Brook forgot convention, and aimed to go beyond anything that audiences had already experienced. He changed, and not without controversy, the effect that the theatre can produce. In his own words, he attempted to “divide the eternal truths from the superficial variations” (Brook, 16): The “eternal truths” being the “invisible”–the inherent emotions in any human–and the “superficial variations” being the way in which to present those truths. “I can take any empty space and call it a bare stage,” Brook says, “A man walks across this empty space while someone else is watching him, and this is all that is needed for an act of theatre to be engaged” (Brook, 9).
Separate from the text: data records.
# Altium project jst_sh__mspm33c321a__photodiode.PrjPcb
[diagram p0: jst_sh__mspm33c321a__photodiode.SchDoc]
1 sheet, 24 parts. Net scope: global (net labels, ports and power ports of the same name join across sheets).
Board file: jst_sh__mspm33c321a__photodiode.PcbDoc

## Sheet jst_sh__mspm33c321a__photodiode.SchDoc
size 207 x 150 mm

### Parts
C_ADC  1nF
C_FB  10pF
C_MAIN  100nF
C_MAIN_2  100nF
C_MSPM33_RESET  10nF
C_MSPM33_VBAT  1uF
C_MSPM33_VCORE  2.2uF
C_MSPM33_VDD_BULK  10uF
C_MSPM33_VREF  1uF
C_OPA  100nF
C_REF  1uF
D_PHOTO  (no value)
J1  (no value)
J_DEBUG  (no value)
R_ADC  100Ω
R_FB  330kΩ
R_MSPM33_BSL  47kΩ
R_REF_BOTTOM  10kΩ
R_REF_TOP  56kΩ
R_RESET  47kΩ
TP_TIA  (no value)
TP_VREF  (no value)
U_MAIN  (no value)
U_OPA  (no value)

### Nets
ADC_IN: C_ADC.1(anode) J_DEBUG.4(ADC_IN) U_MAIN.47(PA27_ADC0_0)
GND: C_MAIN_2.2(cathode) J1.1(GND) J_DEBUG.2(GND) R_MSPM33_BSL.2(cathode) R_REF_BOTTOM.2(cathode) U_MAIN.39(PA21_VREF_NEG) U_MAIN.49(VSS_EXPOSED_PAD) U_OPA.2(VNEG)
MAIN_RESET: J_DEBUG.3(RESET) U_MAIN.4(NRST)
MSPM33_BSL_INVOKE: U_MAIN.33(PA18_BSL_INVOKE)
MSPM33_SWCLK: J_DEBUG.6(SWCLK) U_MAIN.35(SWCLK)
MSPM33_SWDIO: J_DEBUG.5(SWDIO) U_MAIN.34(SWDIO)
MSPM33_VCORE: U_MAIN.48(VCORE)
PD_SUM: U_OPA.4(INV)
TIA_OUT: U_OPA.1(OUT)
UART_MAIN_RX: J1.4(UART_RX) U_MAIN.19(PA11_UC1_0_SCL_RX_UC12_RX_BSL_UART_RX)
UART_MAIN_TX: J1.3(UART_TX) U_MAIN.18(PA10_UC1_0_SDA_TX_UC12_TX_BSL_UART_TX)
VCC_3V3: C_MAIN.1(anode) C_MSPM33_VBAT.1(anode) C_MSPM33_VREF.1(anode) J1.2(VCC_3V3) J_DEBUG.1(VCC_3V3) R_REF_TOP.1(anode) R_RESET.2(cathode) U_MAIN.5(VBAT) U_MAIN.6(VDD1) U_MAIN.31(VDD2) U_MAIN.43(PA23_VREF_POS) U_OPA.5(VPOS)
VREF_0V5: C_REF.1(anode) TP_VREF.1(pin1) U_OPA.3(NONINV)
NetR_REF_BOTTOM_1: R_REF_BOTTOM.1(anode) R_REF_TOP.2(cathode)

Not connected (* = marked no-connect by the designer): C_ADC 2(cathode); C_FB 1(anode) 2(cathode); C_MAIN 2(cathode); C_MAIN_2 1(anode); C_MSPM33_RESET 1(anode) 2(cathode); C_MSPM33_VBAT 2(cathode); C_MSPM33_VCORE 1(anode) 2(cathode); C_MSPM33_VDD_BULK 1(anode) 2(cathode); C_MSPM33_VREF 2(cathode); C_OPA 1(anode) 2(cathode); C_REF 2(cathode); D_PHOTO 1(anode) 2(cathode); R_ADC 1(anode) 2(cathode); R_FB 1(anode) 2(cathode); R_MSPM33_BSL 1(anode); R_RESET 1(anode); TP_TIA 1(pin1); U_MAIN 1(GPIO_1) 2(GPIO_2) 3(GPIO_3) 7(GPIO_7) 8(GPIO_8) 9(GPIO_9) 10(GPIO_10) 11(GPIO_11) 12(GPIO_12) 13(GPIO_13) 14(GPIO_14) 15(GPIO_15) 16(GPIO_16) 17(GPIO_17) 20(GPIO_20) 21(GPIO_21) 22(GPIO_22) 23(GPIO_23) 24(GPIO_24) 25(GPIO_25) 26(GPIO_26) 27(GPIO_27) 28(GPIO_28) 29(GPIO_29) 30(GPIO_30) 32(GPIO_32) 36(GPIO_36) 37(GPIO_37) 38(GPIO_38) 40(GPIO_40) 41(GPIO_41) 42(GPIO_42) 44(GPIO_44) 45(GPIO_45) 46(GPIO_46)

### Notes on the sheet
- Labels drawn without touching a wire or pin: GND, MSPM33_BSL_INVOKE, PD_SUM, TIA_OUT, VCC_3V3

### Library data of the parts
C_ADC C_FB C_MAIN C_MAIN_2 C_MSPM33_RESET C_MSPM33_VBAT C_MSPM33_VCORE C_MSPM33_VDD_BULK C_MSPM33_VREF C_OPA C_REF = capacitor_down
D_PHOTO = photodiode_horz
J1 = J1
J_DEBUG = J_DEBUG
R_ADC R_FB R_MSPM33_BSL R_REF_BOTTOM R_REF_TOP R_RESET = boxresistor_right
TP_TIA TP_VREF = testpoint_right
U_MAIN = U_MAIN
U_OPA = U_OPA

Thus he creates something honest: a human connection. And from that connection the audience's inner emotions are called forth–they are moved.


References

Aronson, Arnold. New York Times. NY Times, 25 May 2005. Web. 1 Dec. 2009. .

Barnes, Clive. "Historic Staging of a Dream." New York times [New York] 27 Aug. 1970. Print.

Brook, Peter. The Empty Space. New York: Simon and Schuster, 1968. Print.

Kramer, Andreas. "Antonin Artaud." Ebsco Host. Web. 1 Dec. 2009.